Here are the photos and links. 

http://www.petharbor.com/detail.asp?ID=A...&where=type_DOG










maybe check on the baby a-018480 to see if she is a mix or not? 

http://www.petharbor.com/detail.asp?ID=A...&where=type_DOG


----------



## Strana1 (Feb 9, 2008)

FYI to get a link for a Pet Harbor listing: right click anywhere on the dog's page except its photo. When the option box opens click properties. Copy the address (make sure you highlight it all, it is long will scroll). THen just paste here.


----------



## Ilovealldogs (Nov 17, 2006)

Anyone?

(I know someone who can likely pull them today, but we need a rescue willing to take one or both.)


----------



## Ilovealldogs (Nov 17, 2006)

We only have a few hours left to save these two females. Anyone?


----------



## Myamom (Oct 10, 2005)

this shelter is sadly overwhelmed









They put up to 50 dogs down at a time......weekly.........

last week...if I'm not mistaken...14 got out


----------



## Ilovealldogs (Nov 17, 2006)

GSRA cannot take them according to an email I just received.

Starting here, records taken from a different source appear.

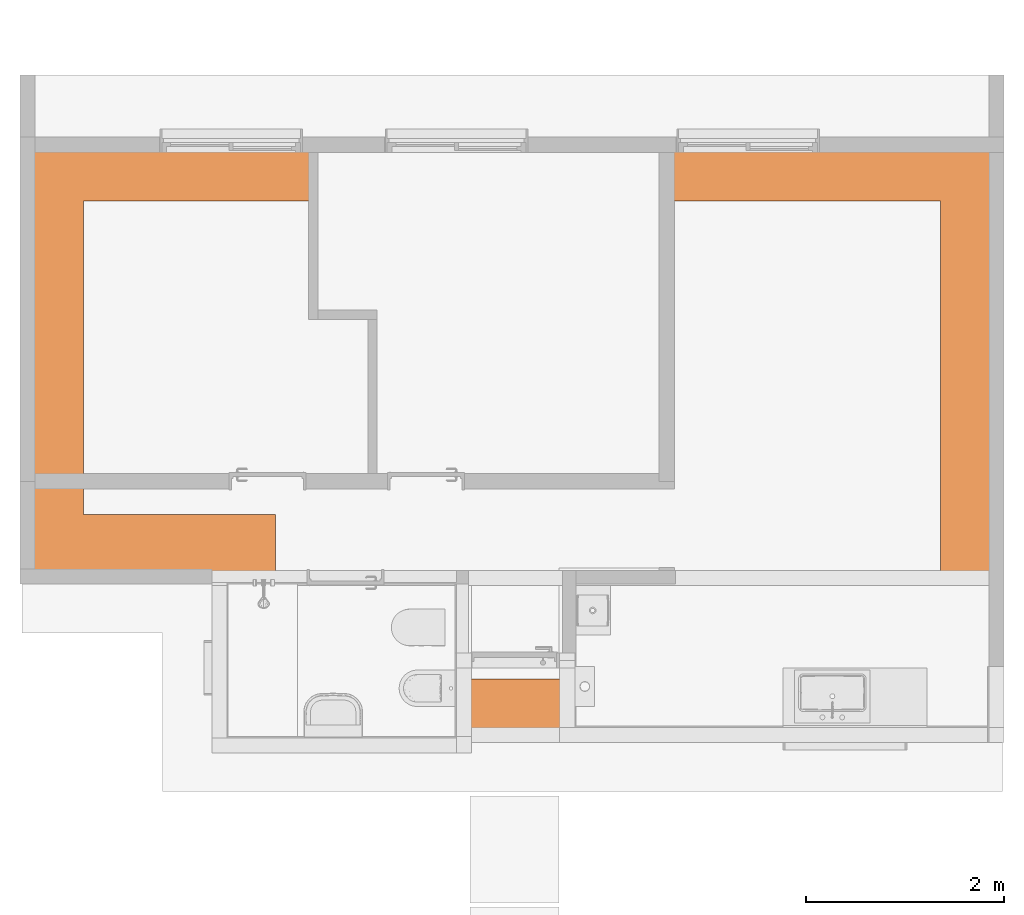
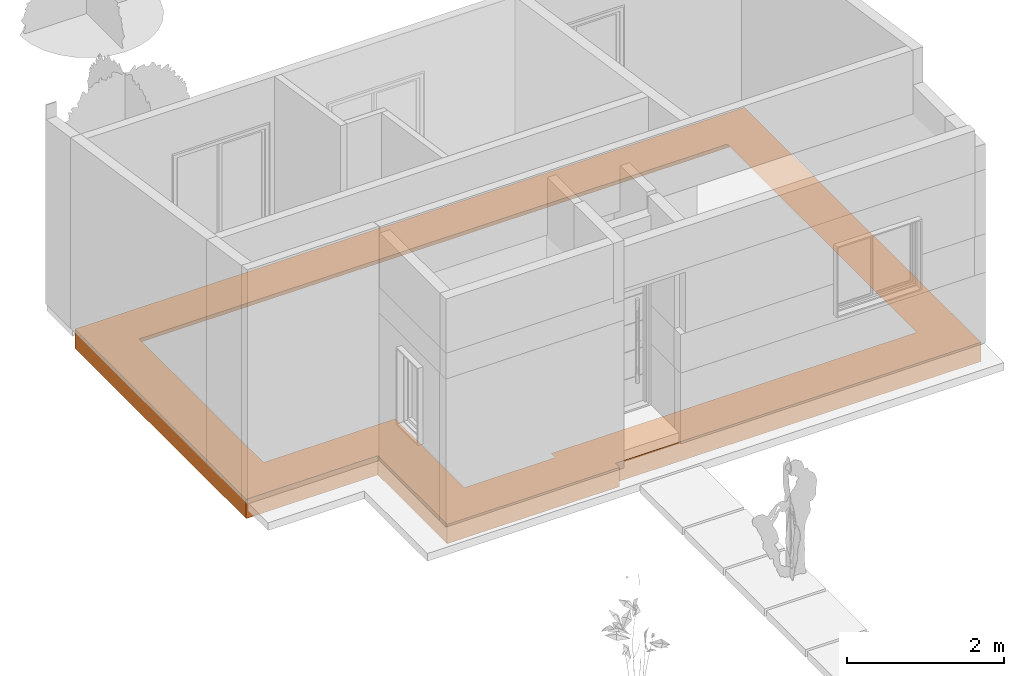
# One storey, part 8 of 8: 1 proxy.
"""IFC2X3 building model written with IfcOpenShell, lengths in metres."""

from ifc_helpers import new_model, entity, si_unit, converted_unit, derived_unit, direction, frame, origin, place, context, subcontext, project, spatial, faceted_brep, element, save


model = new_model("IFC2X3")

# Units and contexts
model_context = context("Model", 3, precision=1e-05, world=origin(), true_north=direction((6.12303176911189e-17, 1.0)))
body_context = subcontext(model_context, "Body", "Model", "MODEL_VIEW")
ifc_project = project(units=[si_unit("LENGTHUNIT", "METRE"), si_unit("AREAUNIT", "SQUARE_METRE"), si_unit("VOLUMEUNIT", "CUBIC_METRE"), converted_unit("PLANEANGLEUNIT", "DEGREE", entity("IfcRatioMeasure", 0.0174532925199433), si_unit("PLANEANGLEUNIT", "RADIAN"), dimensions=[0, 0, 0, 0, 0, 0, 0]), si_unit("MASSUNIT", "GRAM", prefix="KILO"), derived_unit("MASSDENSITYUNIT", [(si_unit("MASSUNIT", "GRAM", prefix="KILO"), 1), (si_unit("LENGTHUNIT", "METRE"), -3)]), si_unit("TIMEUNIT", "SECOND"), si_unit("FREQUENCYUNIT", "HERTZ"), si_unit("THERMODYNAMICTEMPERATUREUNIT", "DEGREE_CELSIUS"), derived_unit("THERMALTRANSMITTANCEUNIT", [(si_unit("MASSUNIT", "GRAM", prefix="KILO"), 1), (si_unit("THERMODYNAMICTEMPERATUREUNIT", "KELVIN"), -1), (si_unit("TIMEUNIT", "SECOND"), -3)]), derived_unit("VOLUMETRICFLOWRATEUNIT", [(si_unit("LENGTHUNIT", "METRE"), 3), (si_unit("TIMEUNIT", "SECOND"), -1)]), si_unit("ELECTRICCURRENTUNIT", "AMPERE"), si_unit("ELECTRICVOLTAGEUNIT", "VOLT"), si_unit("POWERUNIT", "WATT"), si_unit("FORCEUNIT", "NEWTON", prefix="KILO"), si_unit("ILLUMINANCEUNIT", "LUX"), si_unit("LUMINOUSFLUXUNIT", "LUMEN"), si_unit("LUMINOUSINTENSITYUNIT", "CANDELA"), derived_unit("USERDEFINED", [(si_unit("MASSUNIT", "GRAM", prefix="KILO"), -1), (si_unit("LENGTHUNIT", "METRE"), -2), (si_unit("TIMEUNIT", "SECOND"), 3), (si_unit("LUMINOUSFLUXUNIT", "LUMEN"), 1)]), derived_unit("LINEARVELOCITYUNIT", [(si_unit("LENGTHUNIT", "METRE"), 1), (si_unit("TIMEUNIT", "SECOND"), -1)]), si_unit("PRESSUREUNIT", "PASCAL"), derived_unit("USERDEFINED", [(si_unit("LENGTHUNIT", "METRE"), -2), (si_unit("MASSUNIT", "GRAM", prefix="KILO"), 1), (si_unit("TIMEUNIT", "SECOND"), -2)])], contexts=[model_context])

# Site, building, storey
site_placement = place(None, origin())
site = spatial("IfcSite", under=ifc_project, at=site_placement, Name="Surface", CompositionType="ELEMENT")
building_placement = place(site_placement, origin())
building = spatial("IfcBuilding", under=site, at=building_placement, CompositionType="ELEMENT")
storey_placement = place(building_placement, origin())
storey = spatial("IfcBuildingStorey", under=building, at=storey_placement, Name="Nivel 0.0", CompositionType="ELEMENT", Elevation=0.0)

# Proxy
proxy_placement = place(storey_placement, frame((-8.95308547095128, -3.48078532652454, -0.475816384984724)))
element("IfcBuildingElementProxy", 1, at=proxy_placement, inside=storey, Name="Slab Edge:Slab Edge", ObjectType="Slab Edge:Slab Edge", context=body_context, shape_type="Brep", body=[
    faceted_brep([(0.0, 6.12999999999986, 0.300000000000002), (0.0, 6.12999999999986, 0.0), (0.0, 1.76373662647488, 0.0), (0.0, 1.76373662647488, 0.300000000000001), (0.600000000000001, 5.52999999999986, 0.300000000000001), (0.6, 2.36373662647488, 0.300000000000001), (0.300000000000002, 5.82999999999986, 0.0), (0.300000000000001, 2.06373662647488, 0.0), (9.84800000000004, 6.12999999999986, 0.300000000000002), (9.84800000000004, 6.12999999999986, 0.0), (9.24800000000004, 5.52999999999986, 0.300000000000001), (9.54800000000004, 5.82999999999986, 0.0), (9.84800000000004, 0.104999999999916, 0.300000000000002), (9.84800000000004, 0.104999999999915, 0.0), (9.24800000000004, 0.704999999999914, 0.300000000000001), (9.54800000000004, 0.404999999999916, 0.0), (4.4720717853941, 0.104999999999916, 0.300000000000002), (4.4720717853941, 0.104999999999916, 0.0), (3.8720717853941, 0.704999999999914, 0.300000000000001), (4.1720717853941, 0.404999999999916, 0.0), (4.4720717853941, 0.0, 0.300000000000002), (4.4720717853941, 0.0, 0.0), (3.8720717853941, 0.599999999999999, 0.300000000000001), (4.1720717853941, 0.300000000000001, 0.0), (1.93707178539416, 0.0, 0.300000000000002), (1.93707178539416, 0.0, 0.0), (2.53707178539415, 0.599999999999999, 0.300000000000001), (2.23707178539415, 0.300000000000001, 0.0), (1.93707178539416, 1.76373662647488, 0.300000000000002), (1.93707178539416, 1.76373662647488, 0.0), (2.53707178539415, 2.36373662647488, 0.300000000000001), (2.23707178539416, 2.06373662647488, 0.0)], [[[0, 1, 2, 3]], [[4, 0, 3, 5]], [[6, 4, 5, 7]], [[1, 6, 7, 2]], [[8, 9, 1, 0]], [[10, 8, 0, 4]], [[11, 10, 4, 6]], [[9, 11, 6, 1]], [[12, 13, 9, 8]], [[14, 12, 8, 10]], [[15, 14, 10, 11]], [[13, 15, 11, 9]], [[16, 17, 13, 12]], [[18, 16, 12, 14]], [[19, 18, 14, 15]], [[17, 19, 15, 13]], [[20, 21, 17, 16]], [[22, 20, 16, 18]], [[23, 22, 18, 19]], [[21, 23, 19, 17]], [[24, 25, 21, 20]], [[26, 24, 20, 22]], [[27, 26, 22, 23]], [[25, 27, 23, 21]], [[28, 29, 25, 24]], [[30, 28, 24, 26]], [[31, 30, 26, 27]], [[29, 31, 27, 25]], [[3, 2, 29, 28]], [[5, 3, 28, 30]], [[7, 5, 30, 31]], [[2, 7, 31, 29]]]),
])

save(model, "model.ifc")
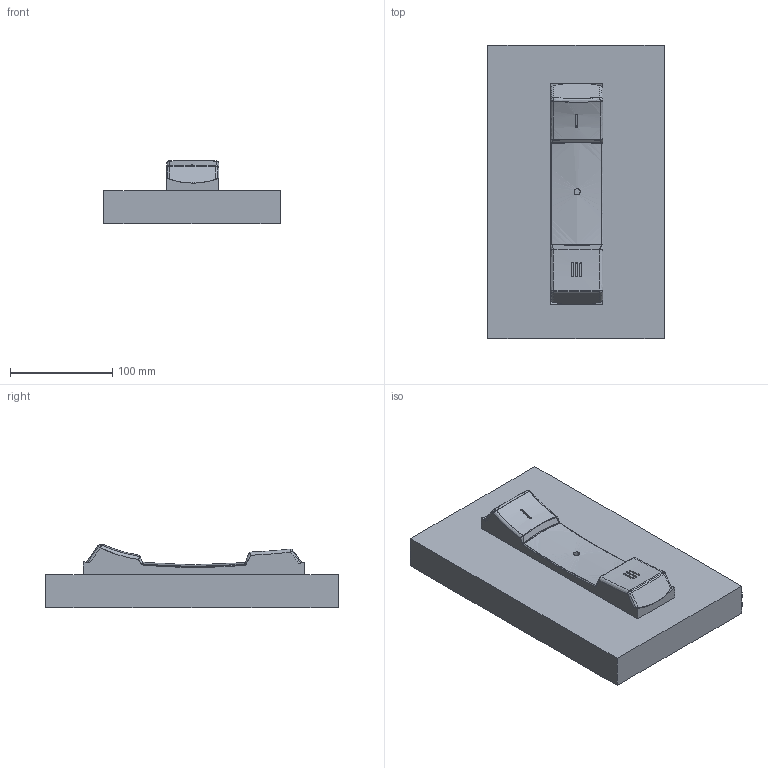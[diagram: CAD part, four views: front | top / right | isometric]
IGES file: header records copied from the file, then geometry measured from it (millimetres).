
Start section: This file was produced by MicroStation IGES
Global section: file name: corn5.igs; native system: MicroStation 95; preprocessor: 5.5; date: 980313.105850; units: millimetre
Bounding box: 172.29 x 285.86 x 62.43 mm (x, y, z)
Surface area: 137703.6 mm2 (no closed solid volume)
Topology: 0 solids, 0 shells, 97 faces, 2684 edges, 2684 vertices
Faces by surface type: bspline 97
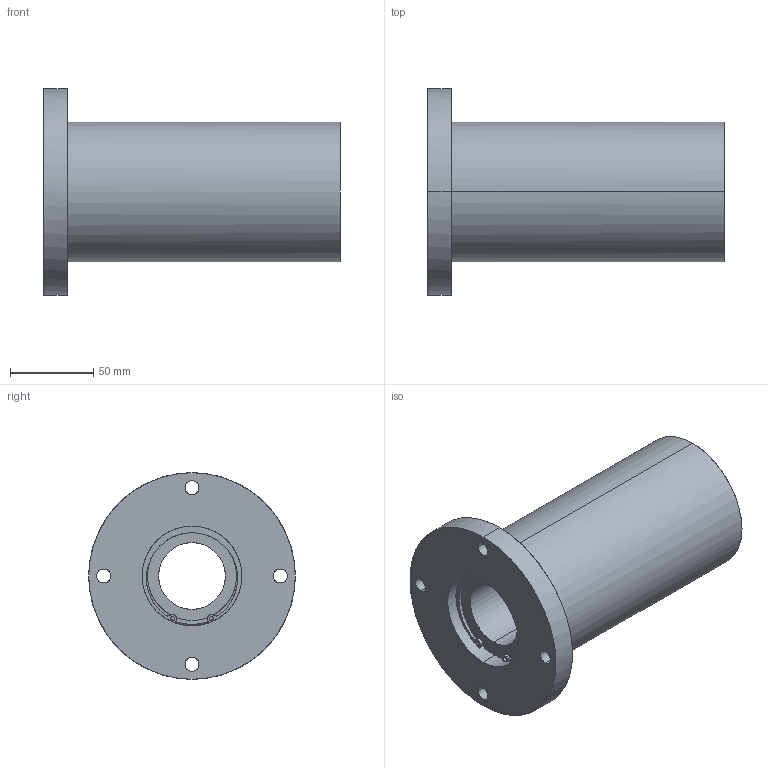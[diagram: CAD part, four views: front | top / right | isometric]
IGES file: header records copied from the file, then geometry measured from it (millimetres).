
Global section: file name: No Iges File Name specified; native system: AutoDesk Inventor R10; preprocessor: AutoDesk Inventor Iges Exporter R10; author: No Author specified; organization: No Organization specified; date: 20101214.134905; units: millimetre
Bounding box: 178 x 124 x 124 mm (x, y, z)
Surface area: 105796.3 mm2 (no closed solid volume)
Topology: 0 solids, 0 shells, 111 faces, 812 edges, 812 vertices
Faces by surface type: bspline 111
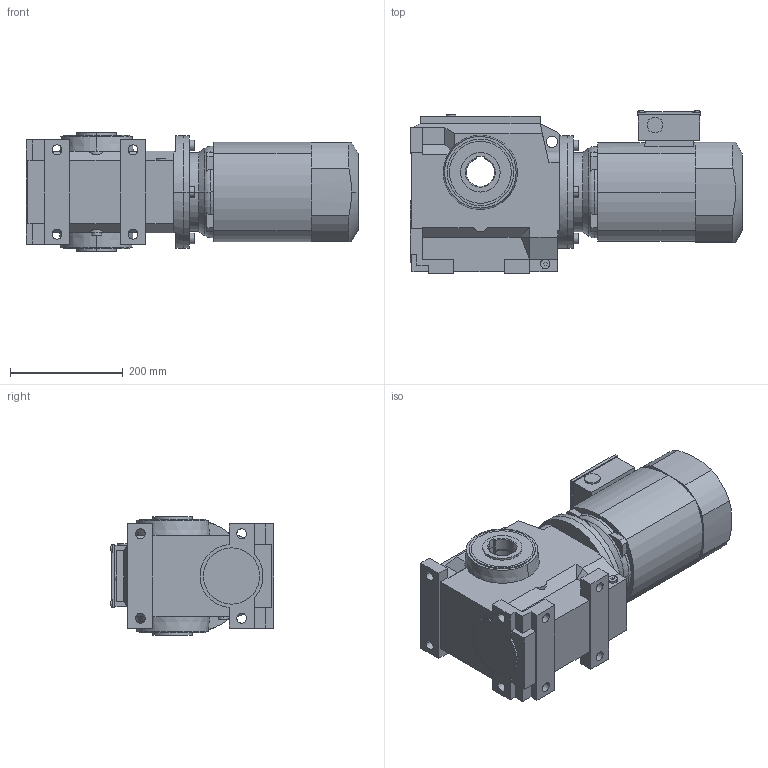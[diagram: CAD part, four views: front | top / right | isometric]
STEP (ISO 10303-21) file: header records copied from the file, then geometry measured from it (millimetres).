
FILE_DESCRIPTION(('STEP AP214'),'1');
FILE_NAME('STEP-File.stp','2018-01-01T00:00:00',(' '),('KEB'),' ','KEB-DRIVE',' ');
FILE_SCHEMA(('AUTOMOTIVE_DESIGN { 1 0 10303 214 1 1 1 1 }'));
Length unit declared in the file: millimetre
Products named in the file (10): s4a; we_hw_50; weh_slno; cn4; dm100_kkn; kk08; PLUG_M25; ndm100; S42A DM90SD4§CAD13
Assembly tree (9 placements, depth 2):
  S42A DM90SD4§CAD13
    s4a
    we_hw_50
    weh_slno
    weh_slno
    cn4
    dm100_kkn
    kk08
    PLUG_M25
    ndm100
Bounding box: 589.5 x 290.5 x 210 mm (x, y, z)
Volume: 19134100.4 mm3; surface area: 944364.5 mm2
Topology: 9 solids, 9 shells, 489 faces, 1446 edges, 1134 vertices
Faces by surface type: plane 344, cylinder 101, cone 40, torus 4
Entity records: 18195 total; most frequent: CARTESIAN_POINT 5225, ORIENTED_EDGE 2892, DIRECTION 2077, EDGE_CURVE 1446, VERTEX_POINT 1134, VECTOR 1101, LINE 1101, EDGE_LOOP 674
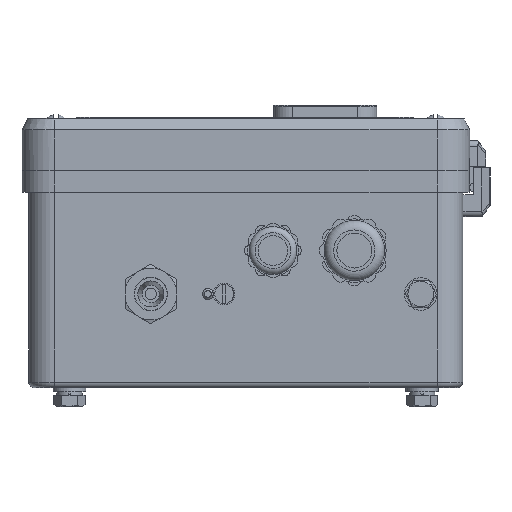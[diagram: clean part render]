
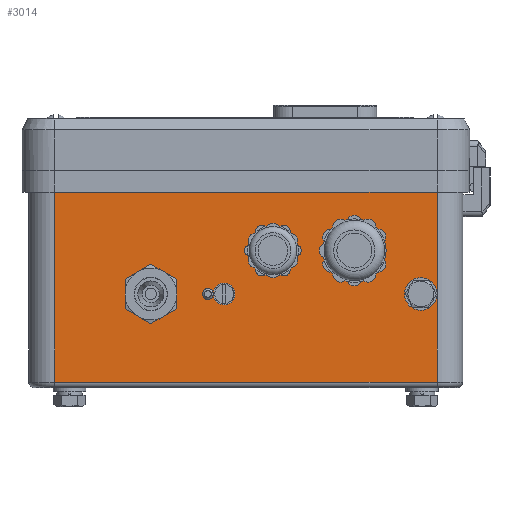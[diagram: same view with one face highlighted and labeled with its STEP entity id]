
A CAD part, left-side view. The second image highlights one B-rep face of the part: STEP entity #3014.
In plain terms, the highlighted planar face has unit normal (-1, 0, 0).
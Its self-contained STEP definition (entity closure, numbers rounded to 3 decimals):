
#3014=ADVANCED_FACE('',(#28628,#28630,#28632,#28634,#28636,#28638,#28640),#28642,
.T.);
#28628=FACE_BOUND('',#28629,.T.);
#28629=EDGE_LOOP('',(#56695,#56696,#56697,#56698));
#28630=FACE_BOUND('',#28631,.T.);
#28631=EDGE_LOOP('',(#56699));
#28632=FACE_BOUND('',#28633,.T.);
#28633=EDGE_LOOP('',(#56700));
#28634=FACE_BOUND('',#28635,.T.);
#28635=EDGE_LOOP('',(#56701));
#28636=FACE_BOUND('',#28637,.T.);
#28637=EDGE_LOOP('',(#56702));
#28638=FACE_BOUND('',#28639,.T.);
#28639=EDGE_LOOP('',(#56703));
#28640=FACE_BOUND('',#28641,.T.);
#28641=EDGE_LOOP('',(#56704));
#28642=PLANE('',#28643);
#28643=AXIS2_PLACEMENT_3D('',#28644,#28645,#28646);
#28644=CARTESIAN_POINT('',(-80.,-70.5,0.));
#28645=DIRECTION('',(-1.,0.,0.));
#28646=DIRECTION('',(0.,0.,-1.));
#56695=ORIENTED_EDGE('',*,*,#78029,.T.);
#56696=ORIENTED_EDGE('',*,*,#78030,.F.);
#56697=ORIENTED_EDGE('',*,*,#78031,.F.);
#56698=ORIENTED_EDGE('',*,*,#78032,.F.);
#56699=ORIENTED_EDGE('',*,*,#78033,.T.);
#56700=ORIENTED_EDGE('',*,*,#77940,.T.);
#56701=ORIENTED_EDGE('',*,*,#77942,.T.);
#56702=ORIENTED_EDGE('',*,*,#77944,.T.);
#56703=ORIENTED_EDGE('',*,*,#77946,.T.);
#56704=ORIENTED_EDGE('',*,*,#77948,.T.);
#77940=EDGE_CURVE('',#92463,#92463,#92464,.F.);
#77942=EDGE_CURVE('',#92467,#92467,#92468,.F.);
#77944=EDGE_CURVE('',#92471,#92471,#92472,.F.);
#77946=EDGE_CURVE('',#92475,#92475,#92476,.F.);
#77948=EDGE_CURVE('',#92479,#92479,#92480,.F.);
#78029=EDGE_CURVE('',#92617,#92618,#92619,.T.);
#78030=EDGE_CURVE('',#92620,#92618,#92621,.T.);
#78031=EDGE_CURVE('',#92622,#92620,#92623,.T.);
#78032=EDGE_CURVE('',#92617,#92622,#92624,.T.);
#78033=EDGE_CURVE('',#92625,#92625,#92626,.T.);
#92463=VERTEX_POINT('',#109501);
#92464=CIRCLE('',#109502,7.5);
#92467=VERTEX_POINT('',#109511);
#92468=CIRCLE('',#109512,6.5);
#92471=VERTEX_POINT('',#109521);
#92472=CIRCLE('',#109522,6.15);
#92475=VERTEX_POINT('',#109531);
#92476=CIRCLE('',#109532,2.);
#92479=VERTEX_POINT('',#109541);
#92480=CIRCLE('',#109542,2.);
#92617=VERTEX_POINT('',#109882);
#92618=VERTEX_POINT('',#109883);
#92619=LINE('',#109884,#109885);
#92620=VERTEX_POINT('',#109887);
#92621=LINE('',#109888,#109889);
#92622=VERTEX_POINT('',#109891);
#92623=LINE('',#109892,#109893);
#92624=LINE('',#109895,#109896);
#92625=VERTEX_POINT('',#109898);
#92626=CIRCLE('',#109899,3.);
#109501=CARTESIAN_POINT('',(-80.,-32.5,50.5));
#109502=AXIS2_PLACEMENT_3D('',#109503,#109504,#109505);
#109503=CARTESIAN_POINT('',(-80.,-40.,50.5));
#109504=DIRECTION('',(-1.,0.,0.));
#109505=DIRECTION('',(0.,1.,0.));
#109511=CARTESIAN_POINT('',(-80.,-10.,57.));
#109512=AXIS2_PLACEMENT_3D('',#109513,#109514,#109515);
#109513=CARTESIAN_POINT('',(-80.,-10.,50.5));
#109514=DIRECTION('',(-1.,0.,0.));
#109515=DIRECTION('',(0.,0.,1.));
#109521=CARTESIAN_POINT('',(-80.,35.,28.35));
#109522=AXIS2_PLACEMENT_3D('',#109523,#109524,#109525);
#109523=CARTESIAN_POINT('',(-80.,35.,34.5));
#109524=DIRECTION('',(-1.,0.,0.));
#109525=DIRECTION('',(0.,0.,-1.));
#109531=CARTESIAN_POINT('',(-80.,14.,32.5));
#109532=AXIS2_PLACEMENT_3D('',#109533,#109534,#109535);
#109533=CARTESIAN_POINT('',(-80.,14.,34.5));
#109534=DIRECTION('',(-1.,0.,0.));
#109535=DIRECTION('',(0.,0.,-1.));
#109541=CARTESIAN_POINT('',(-80.,8.,32.5));
#109542=AXIS2_PLACEMENT_3D('',#109543,#109544,#109545);
#109543=CARTESIAN_POINT('',(-80.,8.,34.5));
#109544=DIRECTION('',(-1.,0.,0.));
#109545=DIRECTION('',(0.,0.,-1.));
#109882=CARTESIAN_POINT('',(-80.,-70.5,72.));
#109883=CARTESIAN_POINT('',(-80.,70.5,72.));
#109884=CARTESIAN_POINT('',(-80.,-70.5,72.));
#109885=VECTOR('',#109886,1.);
#109886=DIRECTION('',(0.,1.,0.));
#109887=CARTESIAN_POINT('',(-80.,70.5,2.));
#109888=CARTESIAN_POINT('',(-80.,70.5,2.));
#109889=VECTOR('',#109890,1.);
#109890=DIRECTION('',(0.,0.,1.));
#109891=CARTESIAN_POINT('',(-80.,-70.5,2.));
#109892=CARTESIAN_POINT('',(-80.,-70.5,2.));
#109893=VECTOR('',#109894,1.);
#109894=DIRECTION('',(0.,1.,0.));
#109895=CARTESIAN_POINT('',(-80.,-70.5,72.));
#109896=VECTOR('',#109897,1.);
#109897=DIRECTION('',(0.,0.,-1.));
#109898=CARTESIAN_POINT('',(-80.,-64.5,37.5));
#109899=AXIS2_PLACEMENT_3D('',#109900,#109901,#109902);
#109900=CARTESIAN_POINT('',(-80.,-64.5,34.5));
#109901=DIRECTION('',(1.,0.,0.));
#109902=DIRECTION('',(0.,0.,-1.));

I don't know who else to ask. 

Will this ever stop?


----------



## Myamom (Oct 10, 2005)

TWO BABY GSD'S HERE DIE TOMORROW! MUST BE OUT BY 6 PM TODAY!!!!!!!! ANYONE?


----------



## ncgsdmom (Jun 24, 2008)

Big bump.....


----------



## Myamom (Oct 10, 2005)

One last ditch effort.....

all resources have been exhausted.....

sad..because two 1 year olds are so highly adoptable in other areas.....sad...because we are all so full...sad that they ended up this way......


----------



## ded37 (Jan 18, 2005)

Bump


----------



## ded37 (Jan 18, 2005)

Bumping again


----------



## Myamom (Oct 10, 2005)

Praying some kind of miracle happened.......

Not much rescue help in this area.......


----------



## sravictor (Mar 17, 2008)

bump-did they make it?


----------



## sravictor (Mar 17, 2008)

No, I just called. This SUCKS!


----------



## RebelGSD (Mar 20, 2008)

OMG, poor babies, you deserved better.
RIP


----------



## Myamom (Oct 10, 2005)

SERIOUSLY? 

I just got a call from Collie rescue saying that the 1 yr 7 month old was either rescued or adopted as was the mix puppy.

And that the only one still there in need was the 1 year old and that since they only euth on Friday morning, that gave us a week to work on it. 

Will have him call again.....


----------



## Myamom (Oct 10, 2005)

he also said a stray 1 yr male had just come in but was on a 5 day hold and that per policy...rescues can't even see him until the 5 day hold is over...he is in the back.


----------



## RebelGSD (Mar 20, 2008)

I did not call - they are no longer on Petharbor.


----------



## Myamom (Oct 10, 2005)

He claims the 1 year old is still there...page 2...and that they never leave a dog there if it's gone. 

He watches the site closely and said the other two postings disappeared from petharbor early in the day on Thurs....meaning they had to have been adopted/rescued as the euth does not occur until Friday morning and listings are not taken down until the euth occured. 

He is calling to try to get more info.


----------



## Myamom (Oct 10, 2005)

1 1/2 year old was euthanized


----------